OBDII cars are sniff tested....they query the computer for fault codes. No need to have the car warm.


----------



## jcatral14 (Aug 4, 2003)

What I want to know is how you have an '01 car and only have 37k miles on it  Go out and drive 

Sorry no constructive input. The other suggestions seem plausible.


----------



## ganesht (Sep 9, 2008)

Bruce said:


> OBDII cars are sniff tested....they query the computer for fault codes. No need to have the car warm.


how do you figure that?

the sniffer tests the exhaust checks co2/no output as well as unburnt hydrocarbons...
the cats (when at operating temp 400-600deg c) do the following chemical conversions:

Reduction of nitrogen oxides to nitrogen and oxygen: 2NOx -> xO2 + N2
Oxidation of unburnt hydrocarbons to carbon dioxide and water: CxH2x+2 + 2xO2 -> xCO2 + 2xH2O
Oxidation of carbon monoxide to carbon dioxide: 2CO + O2 -> 2CO2

how do they do this? by using platinum, rhodium, palladium, cerium, iron, manganese, and nickel as catalysts along with intense heat.

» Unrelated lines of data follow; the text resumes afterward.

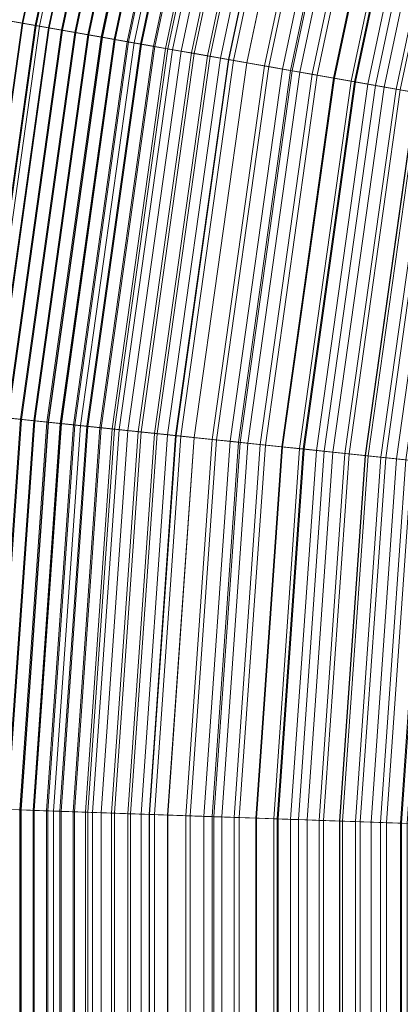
# Model space of a CAD drawing. Header units: centimetres. Extents: x -6.39 to 0.8, y 3.58 to 10.78.
# Tile 95 of 256: x -5.21 to -5.04, y 7.18 to 7.61. Entities that reach past the tile are written whole.
import ezdxf

# ---------------------------------------------------------------- set-up
doc = ezdxf.new("R2010")
doc.units = ezdxf.units.CM
doc.header["$LTSCALE"] = 2.54
doc.layers.add('Lucido design-1', color=7, linetype='Continuous')

# ---------------------------------------------------------------- blocks, each defined once
blk = doc.blocks.new('Gruppo-1')
at = {"color": 142, "linetype": 'Continuous', "lineweight": 9}
for points in [[(-4.91018, 10.09045, -13.70234), (-5.10811, 9.93581, -13.70234), (-2.79635, 7.18076, -13.70234), (-2.79623, 7.18085, -13.70234)], [(-5.10811, 9.93581, -13.70234), (-5.29478, 9.76774, -13.70234), (-2.79646, 7.18066, -13.70234), (-2.79635, 7.18076, -13.70234)], [(-5.29478, 9.76774, -13.70234), (-5.46926, 9.58705, -13.70234), (-2.79657, 7.18055, -13.70234), (-2.79646, 7.18066, -13.70234)], [(-5.46926, 9.58705, -13.70234), (-5.63072, 9.39464, -13.70234), (-2.79666, 7.18043, -13.70234), (-2.79657, 7.18055, -13.70234)], [(-5.63072, 9.39464, -13.70234), (-5.77836, 9.19143, -13.70234), (-2.79675, 7.18031, -13.70234), (-2.79666, 7.18043, -13.70234)], [(-5.77836, 9.19143, -13.70234), (-5.91146, 8.97841, -13.70234), (-2.79683, 7.18018, -13.70234), (-2.79675, 7.18031, -13.70234)], [(-5.91146, 8.97841, -13.70234), (-6.02938, 8.75664, -13.70234), (-2.7969, 7.18005, -13.70234), (-2.79683, 7.18018, -13.70234)], [(-6.02938, 8.75664, -13.70234), (-6.13155, 8.52717, -13.70234), (-2.79696, 7.17991, -13.70234), (-2.7969, 7.18005, -13.70234)], [(-6.13155, 8.52717, -13.70234), (-6.21746, 8.29114, -13.70234), (-2.79702, 7.17977, -13.70234), (-2.79696, 7.17991, -13.70234)], [(-6.21746, 8.29114, -13.70234), (-6.28669, 8.04969, -13.70234), (-2.79706, 7.17962, -13.70234), (-2.79702, 7.17977, -13.70234)], [(-6.28669, 8.04969, -13.70234), (-6.33891, 7.804, -13.70234), (-2.79709, 7.17948, -13.70234), (-2.79706, 7.17962, -13.70234)], [(-5.68037, 7.89852, -15.25036), (-5.72353, 7.69549, -15.25036), (-4.85206, 7.54182, -15.25036), (-4.82174, 7.68444, -15.25036)], [(-4.82174, 7.68444, -15.14925), (-4.85206, 7.54182, -15.14925), (-5.72353, 7.69549, -15.14925), (-5.68037, 7.89852, -15.14925)], [(-6.33891, 7.804, -13.70234), (-6.37387, 7.55526, -13.70234), (-2.79711, 7.17933, -13.70234), (-2.79709, 7.17948, -13.70234)], [(-5.16131, 7.7691, -13.00317), (-5.1967, 7.60259, -13.00317), (-5.22401, 7.60741, -13.01224), (-5.18822, 7.77581, -13.01224)], [(-5.17426, 7.77233, -14.5565), (-5.20985, 7.60491, -14.5565), (-5.21555, 7.60592, -14.55403), (-5.17988, 7.77373, -14.55403)], [(-5.1797, 7.77368, -14.43697), (-5.21536, 7.60588, -14.43697), (-5.20962, 7.60487, -14.43997), (-5.17404, 7.77227, -14.43997)], [(-5.16865, 7.77093, -14.55897), (-5.20415, 7.60391, -14.55897), (-5.20985, 7.60491, -14.5565), (-5.17426, 7.77233, -14.5565)], [(-5.17404, 7.77227, -14.43997), (-5.20962, 7.60487, -14.43997), (-5.20388, 7.60386, -14.44298), (-5.16838, 7.77086, -14.44298)], [(-5.16303, 7.76953, -14.56145), (-5.19845, 7.6029, -14.56145), (-5.20415, 7.60391, -14.55897), (-5.16865, 7.77093, -14.55897)], [(-5.16838, 7.77086, -14.44298), (-5.20388, 7.60386, -14.44298), (-5.19815, 7.60285, -14.446), (-5.16273, 7.76945, -14.446)], [(-5.15742, 7.76813, -14.56393), (-5.19276, 7.6019, -14.56393), (-5.19845, 7.6029, -14.56145), (-5.16303, 7.76953, -14.56145)], [(-5.16273, 7.76945, -14.446), (-5.19815, 7.60285, -14.446), (-5.19241, 7.60184, -14.44902), (-5.15709, 7.76805, -14.44902)], [(-5.13437, 7.76238, -12.99419), (-5.16936, 7.59777, -12.99419), (-5.1967, 7.60259, -13.00317), (-5.16131, 7.7691, -13.00317)], [(-5.15181, 7.76673, -14.56641), (-5.18706, 7.60089, -14.56641), (-5.19276, 7.6019, -14.56393), (-5.15742, 7.76813, -14.56393)], [(-5.15709, 7.76805, -14.44902), (-5.19241, 7.60184, -14.44902), (-5.18669, 7.60083, -14.45205), (-5.15144, 7.76664, -14.45205)], [(-5.1462, 7.76533, -14.5689), (-5.18137, 7.59989, -14.5689), (-5.18706, 7.60089, -14.56641), (-5.15181, 7.76673, -14.56641)], [(-5.15144, 7.76664, -14.45205), (-5.18669, 7.60083, -14.45205), (-5.18096, 7.59982, -14.45509), (-5.1458, 7.76523, -14.45509)], [(-5.14059, 7.76393, -14.57138), (-5.17568, 7.59889, -14.57138), (-5.18137, 7.59989, -14.5689), (-5.1462, 7.76533, -14.5689)], [(-5.1458, 7.76523, -14.45509), (-5.18096, 7.59982, -14.45509), (-5.17524, 7.59881, -14.45813), (-5.14016, 7.76383, -14.45813)], [(-5.13499, 7.76254, -14.57388), (-5.16999, 7.59788, -14.57388), (-5.17568, 7.59889, -14.57138), (-5.14059, 7.76393, -14.57138)], [(-5.14016, 7.76383, -14.45813), (-5.17524, 7.59881, -14.45813), (-5.16952, 7.5978, -14.46118), (-5.13453, 7.76242, -14.46118)], [(-5.12938, 7.76114, -14.57637), (-5.1643, 7.59688, -14.57637), (-5.16999, 7.59788, -14.57388), (-5.13499, 7.76254, -14.57388)], [(-5.13453, 7.76242, -14.46118), (-5.16952, 7.5978, -14.46118), (-5.1638, 7.59679, -14.46424), (-5.1289, 7.76102, -14.46424)], [(-5.1074, 7.75566, -12.9853), (-5.14199, 7.59295, -12.9853), (-5.16936, 7.59777, -12.99419), (-5.13437, 7.76238, -12.99419)], [(-5.12378, 7.75974, -14.57887), (-5.15861, 7.59588, -14.57887), (-5.1643, 7.59688, -14.57637), (-5.12938, 7.76114, -14.57637)], [(-5.12911, 7.76107, -14.57649), (-5.16402, 7.59683, -14.57649), (-5.1556, 7.59535, -14.58268), (-5.12081, 7.759, -14.58268)], [(-5.07277, 7.74702, -14.49515), (-5.10684, 7.58675, -14.49515), (-5.16402, 7.59683, -14.57649), (-5.12911, 7.76107, -14.57649)], [(-5.1289, 7.76102, -14.46424), (-5.1638, 7.59679, -14.46424), (-5.15809, 7.59579, -14.4673), (-5.12327, 7.75961, -14.4673)], [(-5.11817, 7.75834, -14.58137), (-5.15292, 7.59487, -14.58137), (-5.15861, 7.59588, -14.57887), (-5.12378, 7.75974, -14.57887)], [(-5.12327, 7.75961, -14.4673), (-5.15809, 7.59579, -14.4673), (-5.15238, 7.59478, -14.47037), (-5.11764, 7.75821, -14.47037)], [(-5.12081, 7.759, -14.58268), (-5.1556, 7.59535, -14.58268), (-5.14725, 7.59387, -14.58899), (-5.11259, 7.75695, -14.58899)], [(-5.11817, 7.75834, -14.58137), (-5.15292, 7.59487, -14.58137), (-5.11817, 7.75834, -14.58137)], [(-5.11817, 7.75834, -14.58137), (-5.15292, 7.59487, -14.58137), (-5.15292, 7.59487, -14.58137)], [(-5.07277, 7.74702, -14.49515), (-5.10684, 7.58675, -14.49515), (-5.15292, 7.59487, -14.58137), (-5.11817, 7.75834, -14.58137)], [(-5.11764, 7.75821, -14.47037), (-5.15238, 7.59478, -14.47037), (-5.14668, 7.59377, -14.47344), (-5.11202, 7.75681, -14.47344)], [(-5.11259, 7.75695, -14.58899), (-5.14725, 7.59387, -14.58899), (-5.139, 7.59242, -14.59541), (-5.10446, 7.75492, -14.59541)], [(-5.11202, 7.75681, -14.47344), (-5.14668, 7.59377, -14.47344), (-5.14098, 7.59277, -14.47652), (-5.1064, 7.75541, -14.47652)], [(-5.08041, 7.74893, -12.97652), (-5.11459, 7.58811, -12.97652), (-5.14199, 7.59295, -12.9853), (-5.1074, 7.75566, -12.9853)], [(-5.1064, 7.75541, -14.47652), (-5.14098, 7.59277, -14.47652), (-5.13528, 7.59176, -14.47961), (-5.10079, 7.75401, -14.47961)], [(-5.10446, 7.75492, -14.59541), (-5.139, 7.59242, -14.59541), (-5.13083, 7.59098, -14.60195), (-5.09641, 7.75292, -14.60195)], [(-5.10079, 7.75401, -14.47961), (-5.13528, 7.59176, -14.47961), (-5.12958, 7.59076, -14.48271), (-5.09518, 7.75261, -14.48271)], [(-5.09641, 7.75292, -14.60195), (-5.13083, 7.59098, -14.60195), (-5.12276, 7.58956, -14.60861), (-5.08845, 7.75093, -14.60861)], [(-5.09518, 7.75261, -14.48271), (-5.12958, 7.59076, -14.48271), (-5.12389, 7.58976, -14.48581), (-5.08957, 7.75121, -14.48581)], [(-5.08957, 7.75121, -14.48581), (-5.12389, 7.58976, -14.48581), (-5.1182, 7.58875, -14.48892), (-5.08397, 7.74982, -14.48892)], [(-5.08845, 7.75093, -14.60861), (-5.12276, 7.58956, -14.60861), (-5.11477, 7.58815, -14.61538), (-5.08059, 7.74897, -14.61538)], [(-5.08397, 7.74982, -14.48892), (-5.1182, 7.58875, -14.48892), (-5.11252, 7.58775, -14.49203), (-5.07837, 7.74842, -14.49203)], [(-5.08059, 7.74897, -14.61538), (-5.11477, 7.58815, -14.61538), (-5.10688, 7.58676, -14.62226), (-5.07281, 7.74703, -14.62226)], [(-5.05338, 7.74219, -12.96783), (-5.08716, 7.58328, -12.96783), (-5.11459, 7.58811, -12.97652), (-5.08041, 7.74893, -12.97652)], [(-5.07837, 7.74842, -14.49203), (-5.11252, 7.58775, -14.49203), (-5.10684, 7.58675, -14.49515), (-5.07277, 7.74702, -14.49515)], [(-5.07281, 7.74703, -14.62226), (-5.10688, 7.58676, -14.62226), (-5.09909, 7.58538, -14.62926), (-5.06513, 7.74512, -14.62926)], [(-5.06337, 7.74468, -14.50216), (-5.0973, 7.58507, -14.50216), (-5.10684, 7.58675, -14.49515), (-5.07277, 7.74702, -14.49515)], [(-5.06513, 7.74512, -14.62926), (-5.09909, 7.58538, -14.62926), (-5.09139, 7.58402, -14.63636), (-5.05755, 7.74323, -14.63636)], [(-5.05407, 7.74236, -14.5093), (-5.08786, 7.5834, -14.5093), (-5.0973, 7.58507, -14.50216), (-5.06337, 7.74468, -14.50216)], [(-5.05755, 7.74323, -14.63636), (-5.09139, 7.58402, -14.63636), (-5.08379, 7.58268, -14.64357), (-5.05006, 7.74136, -14.64357)], [(-5.04486, 7.74007, -14.51657), (-5.07851, 7.58175, -14.51657), (-5.08786, 7.5834, -14.5093), (-5.05407, 7.74236, -14.5093)], [(-5.02632, 7.73544, -12.95923), (-5.05969, 7.57844, -12.95923), (-5.08716, 7.58328, -12.96783), (-5.05338, 7.74219, -12.96783)], [(-5.05006, 7.74136, -14.64357), (-5.08379, 7.58268, -14.64357), (-5.07629, 7.58136, -14.65089), (-5.04267, 7.73952, -14.65089)], [(-5.03576, 7.7378, -14.52397), (-5.06927, 7.58012, -14.52397), (-5.07851, 7.58175, -14.51657), (-5.04486, 7.74007, -14.51657)], [(-5.04267, 7.73952, -14.65089), (-5.07629, 7.58136, -14.65089), (-5.06889, 7.58006, -14.65831), (-5.03538, 7.7377, -14.65831)], [(-5.02675, 7.73555, -14.53151), (-5.06013, 7.57851, -14.53151), (-5.06927, 7.58012, -14.52397), (-5.03576, 7.7378, -14.52397)], [(-5.03538, 7.7377, -14.65831), (-5.06889, 7.58006, -14.65831), (-5.06159, 7.57877, -14.66584), (-5.02819, 7.73591, -14.66584)], [(-5.02819, 7.73591, -14.66584), (-5.06159, 7.57877, -14.66584), (-5.0544, 7.5775, -14.67347), (-5.02111, 7.73414, -14.67347)], [(-5.01785, 7.73333, -14.53917), (-5.05109, 7.57692, -14.53917), (-5.06013, 7.57851, -14.53151), (-5.02675, 7.73555, -14.53151)], [(-4.99924, 7.72869, -12.95074), (-5.0322, 7.57359, -12.95074), (-5.05969, 7.57844, -12.95923), (-5.02632, 7.73544, -12.95923)], [(-5.02111, 7.73414, -14.67347), (-5.0544, 7.5775, -14.67347), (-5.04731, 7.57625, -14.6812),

so my point of running the car was not to get the engine temp up, but rather the cats to operating temp...

if you believe theres no need to have the car warm, next time you need to get the smog checked on one of your cars how about you leave the car there over night and test it first thing in the morning while the cats are cold.. it doesn't matter how new your car is i bet you it will fail.


----------



## ganesht (Sep 9, 2008)

Bruce said:


> OBDII cars are sniff tested....they query the computer for fault codes. No need to have the car warm.


i understand that Smith County is one of the countys in texas which require an annual smog test, but ca has the nations toughest emission regulations.


----------



## alee (Dec 19, 2001)

jcatral14 said:


> What I want to know is how you have an '01 car and only have 37k miles on it  Go out and drive .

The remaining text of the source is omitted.